In [None]:
# This Python 3 environment comes with many helpful analytics libraries installed
# It is defined by the kaggle/python Docker image: https://github.com/kaggle/docker-python
# For example, here's several helpful packages to load

import numpy as np # linear algebra
import pandas as pd # data processing, CSV file I/O (e.g. pd.read_csv)

# Input data files are available in the read-only "../input/" directory
# For example, running this (by clicking run or pressing Shift+Enter) will list all files under the input directory

import os
for dirname, _, filenames in os.walk('/kaggle/input'):
    for filename in filenames:
        print(os.path.join(dirname, filename))

# You can write up to 20GB to the current directory (/kaggle/working/) that gets preserved as output when you create a version using "Save & Run All" 
# You can also write temporary files to /kaggle/temp/, but they won't be saved outside of the current session

In [None]:
import warnings
warnings.filterwarnings("ignore")

## Welcome to my first kernel!

I will try to examine the dataset of JantaHackathon: Cross-sell Prediction. Please give me your feedback, i will be glad to read it! If you like the kernel, please vote up.

 If you are interested in more informations about the dataset, check out the link: https://www.kaggle.com/kbambardekar/av-jantahackathon/tasks?taskId=2063

## Content

 1.  Introduction
     * Info about the dataset  
    
    
 2. Reading the data and knowing a little about it  
 
    
 3. Data analysis
     * Exploratory data analysis
     * Correlation
 
 
 4. Models
     * Setting X and y
     * Naive Bayes, Decision Tree, Random Forest, Logistic Regression
     * Stratified Nested Cross Validation
     * ROC AUC score

### 1. Introduction

#### Context

Each entry of the dataset represents a person who was offered a vehicle insurance.
The idea  is to predict whether a customer would be interested vehicle insurance or not based os some caractheristcs. These informations consists of demographics (gender, age, region code type), vehicles (vehicle age, damage), policy (premium, sourcing channel), current insurance (previously insurance, vintage).


#### Columns definitions

**Id** (numeric) - Unique ID for the customer

**Gender** (text: Male, Female) - Gender of the customer

**Age** (numeric) - Age of the customer

**Driving license** (numeric: 0, 1) - Customer does not have DL / customer has DL

**RegionCode** (numeric) - Unique code for the region of the customer

**PreviouslyInsured** (numeric: 0, 1) - Customer doesn't have vehicle insurance / customer already has vehicle insurance.

**VehicleAge** (numeric) - Age of the Vehicle

**VehicleDamage** (numeric: 0, 1)- Customer didn't get his/her vehicle damaged in the past / customer got his/her vehicle damaged in the past 

**AnnualPremium** (numeric) - The amount customer needs to pay as premium in the year

**PolicySalesChannel** (numeric) - Anonymised code for the channel of outreaching to the customer ie. Different agents, over mail, over phone, in person, etc.

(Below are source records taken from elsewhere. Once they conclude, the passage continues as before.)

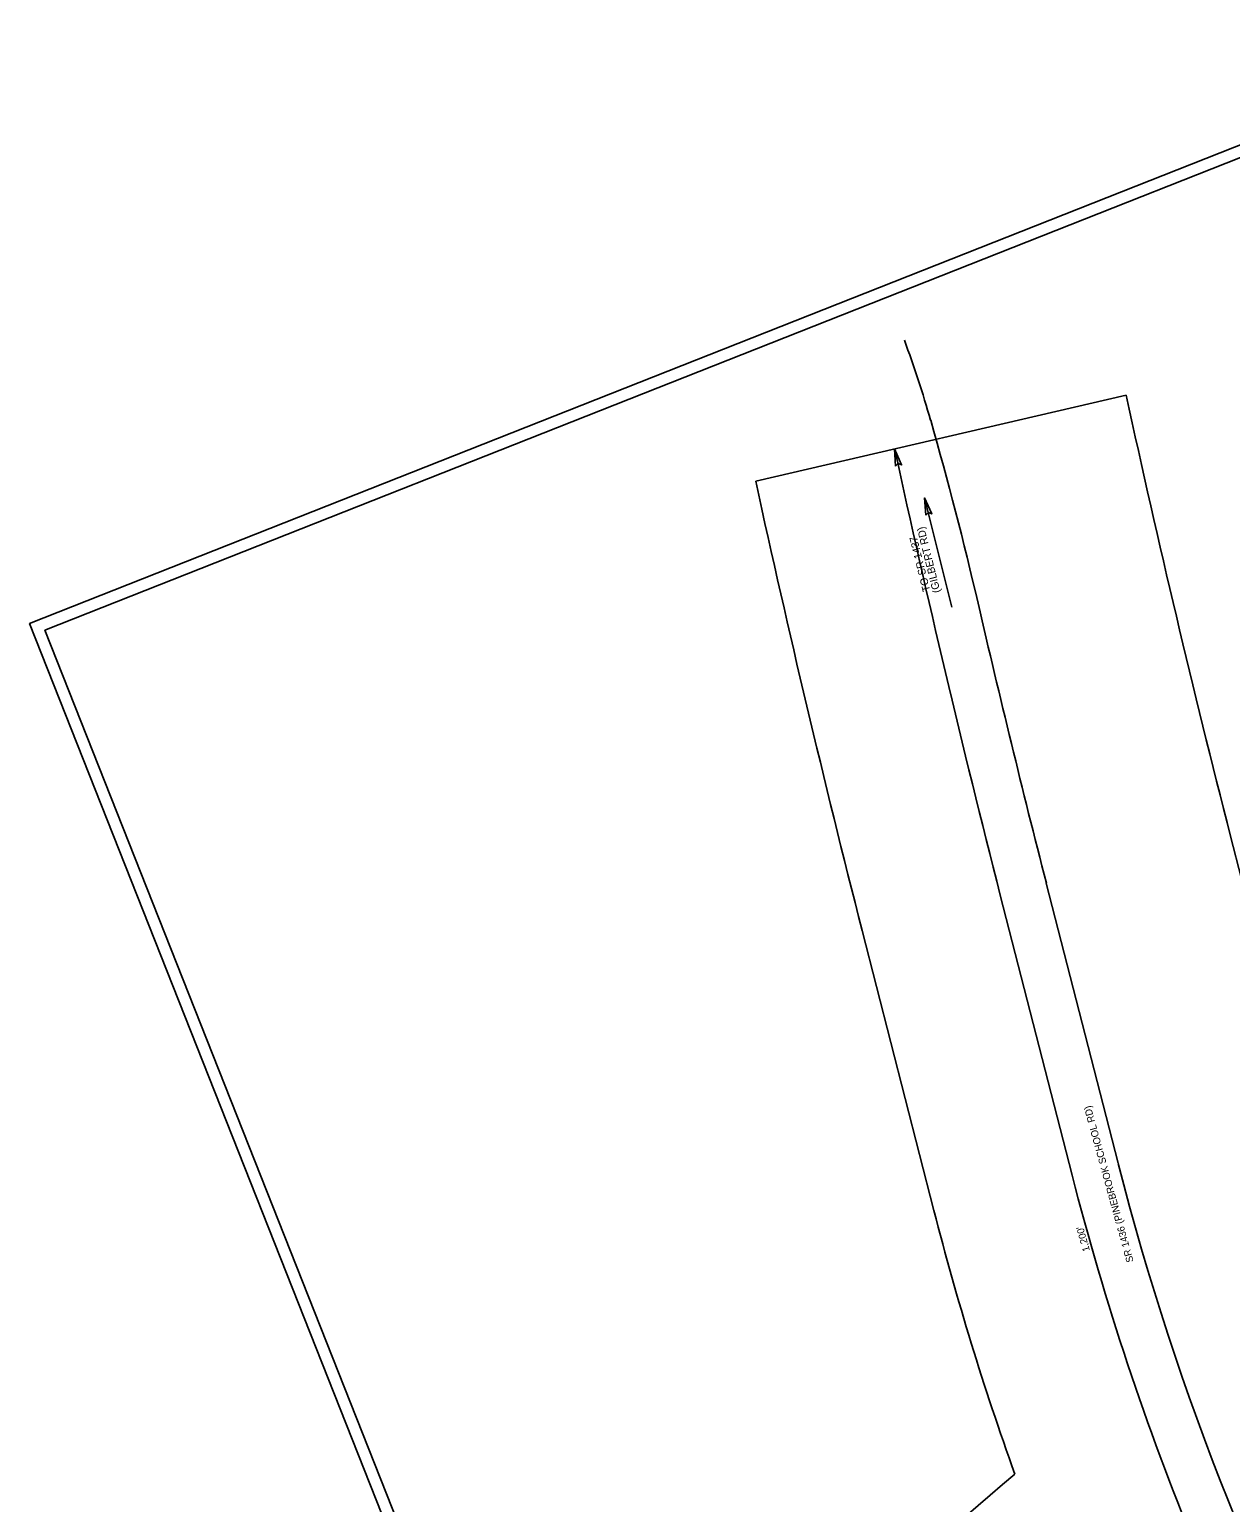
# Model space of a CAD drawing. Extents: x 1550555 to 1553129, y 809174 to 812311.
# Drawn here: x 1550555 to 1551819, y 810761 to 812311 of the extents above; entities that cross this region are included whole.
import ezdxf

# ---------------------------------------------------------------- set-up
doc = ezdxf.new("R2010")
doc.units = 0
for name, color, linetype in [('Old_Level_1', 7, 'Continuous'), ('P_RDY_Dimension', 7, 'Continuous'), ('P_RDY_Dimension_Text', 7, 'Continuous'), ('P_RDY_Terminator_Cell', 7, 'Continuous'), ('Pattern_4', 7, 'Continuous'), ('Site_Temp_Construction', 7, 'Continuous')]:
    doc.layers.add(name, color=color, linetype=linetype)

msp = doc.modelspace()

# ---------------------------------------------------------------- linework, layer by layer
at = {"layer": 'Old_Level_1'}
for points in [[(1552136.2, 812311.3), (1553129.1, 809800.4), (1551548.3, 809175.3), (1550555.4, 811686.1)], [(1552129.2, 812295), (1553112.9, 809807.5), (1551555.3, 809191.5), (1550571.6, 811679.1)]]:
    msp.add_lwpolyline(points, close=True, dxfattribs=at)
at = {"layer": 'P_RDY_Dimension'}
msp.add_line((1551576.6, 811400.5), (1551652.1, 811105.8), dxfattribs=at)
for centre, radius, start, end in [((1564422.1, 814690), 13260, 192.2791, 194.36371), ((1554498, 811834.5), 2937.7, 194.3637, 202.4345)]:
    msp.add_arc(centre, radius, start, end, dxfattribs=at)
at = {"layer": 'P_RDY_Terminator_Cell'}
for points in [[(1551466.5, 811851.7), (1551465.4, 811869.9), (1551472.7, 811853.1), (1551469, 811854.6)], [(1551498.4, 811800.1), (1551497, 811818.3), (1551504.5, 811801.5), (1551500.9, 811803)]]:
    msp.add_lwpolyline(points, close=True, dxfattribs=at)
at = {"layer": 'Pattern_4'}
msp.add_line((1551700.5, 811118.2), (1551625, 811412.9), dxfattribs=at)
for centre, radius, start, end in [((1550369.5, 811575.2), 1179.4, 15.9909, 20.2988), ((1547780.6, 810833.2), 3872.6, 13.0483, 15.9909), ((1564422.1, 814690), 13210, 193.04825, 194.36371), ((1554498, 811834.5), 2887.7, 194.3637, 209.2123), ((1543473.3, 820207.4), 12632.8, 308.90318, 313.63201)]:
    msp.add_arc(centre, radius, start, end, dxfattribs=at)
at = {"layer": 'Site_Temp_Construction'}
for p, q in [((1551319.3, 811836.1), (1551709, 811926.4)), ((1551525.6, 811703.3), (1551497, 811818.3)), ((1551894.3, 811167.8), (1551818.8, 811462.5)), ((1551506.8, 811068.6), (1551431.3, 811363.3))]:
    msp.add_line(p, q, dxfattribs=at)
for centre, radius, start, end in [((1564422.1, 814690), 13010, 192.26432, 194.36371), ((1564422.1, 814690), 13410, 192.2877, 194.36371), ((1554498, 811834.5), 3087.7, 194.3637, 199.7481), ((1543473.3, 820207.4), 12432.8, 308.26298, 310.76768)]:
    msp.add_arc(centre, radius, start, end, dxfattribs=at)

# ---------------------------------------------------------------- texts
at = {"layer": 'P_RDY_Dimension_Text'}
for s, height, rotation, p in [('(GILBERT RD)', 8, 103.9513, (1551513.7, 811719.4)), ('TO SR 1437', 8, 103.9513, (1551503, 811720.8)), ('SR 1436 (PINEBROOK SCHOOL RD)', 7.5, 105.4026, (1551716.9, 811015)), ("1,200'", 7.5, 105.6826, (1551670.9, 811026.5))]:
    msp.add_text(s, height=height, rotation=rotation, dxfattribs=at).set_placement(p)

doc.saveas('drawing.dxf')

**Vintage** (numeric) - Number of days customer has been associated with the company

**Response** (numeric: 0, 1) - Customer is not interested in vehicle insurance / customer is interested in vehicle insurance.

### 2. Reading the data and knowing a little about it

In [None]:
#math and working with data.
import pandas as pd 
import numpy as np 

#plots
import seaborn as sns 
import matplotlib.pyplot as plt 

train = pd.read_csv("/kaggle/input/av-jantahackathon/train.csv")

In [None]:
train.shape

In [None]:
#What does the data look like?
train.head()

In [None]:
#Id column is unnecesary.
train = train.drop(columns = ["id"])

In [None]:
#If there is any duplicated row, lets remove it.
train.drop_duplicates()

In [None]:
#Data description
train.info()

In [None]:
#Some statistics from each attribute
train.describe()

In [None]:
#Checking for NA values
train.isna().sum()

### 3. Data analysis

#### Target variable

In [None]:
plt.figure()
sns.countplot(x = train["Response"])
plt.title("Target distribution")
plt.show()

#### Gender

In [None]:
plt.figure()
sns.countplot(x = train["Response"], hue = train["Gender"])
plt.title("Target distribution")
plt.show()

#### Age 

In [None]:
train_both = train["Age"].values.tolist()
train_yes = train.loc[train["Response"] == 1]['Age'].values.tolist()
train_no = train.loc[train["Response"] == 0]['Age'].values.tolist()

plt.figure()

plt.subplot(2, 1, 1)
sns.kdeplot(x = train_both, fill = True)
plt.title("General age distribution")
    
plt.subplot(2, 2, 3)
sns.kdeplot(x = train_yes, fill = True, color = "green")
plt.title("Took insurance")
    
plt.subplot(2, 2, 4)
sns.kdeplot(x = train_no, fill = True, color = "orange")
plt.title("Did not take insurance")

plt.tight_layout()

plt.show()

#### I will  create a category column to work with age.

In [None]:
#Lets work with the age in classes
interval = (20, 30, 55, 90)
cats = ['Young', 'Adult', 'Senior']
train["AgeCat"] = pd.cut(train["Age"], interval, labels=cats)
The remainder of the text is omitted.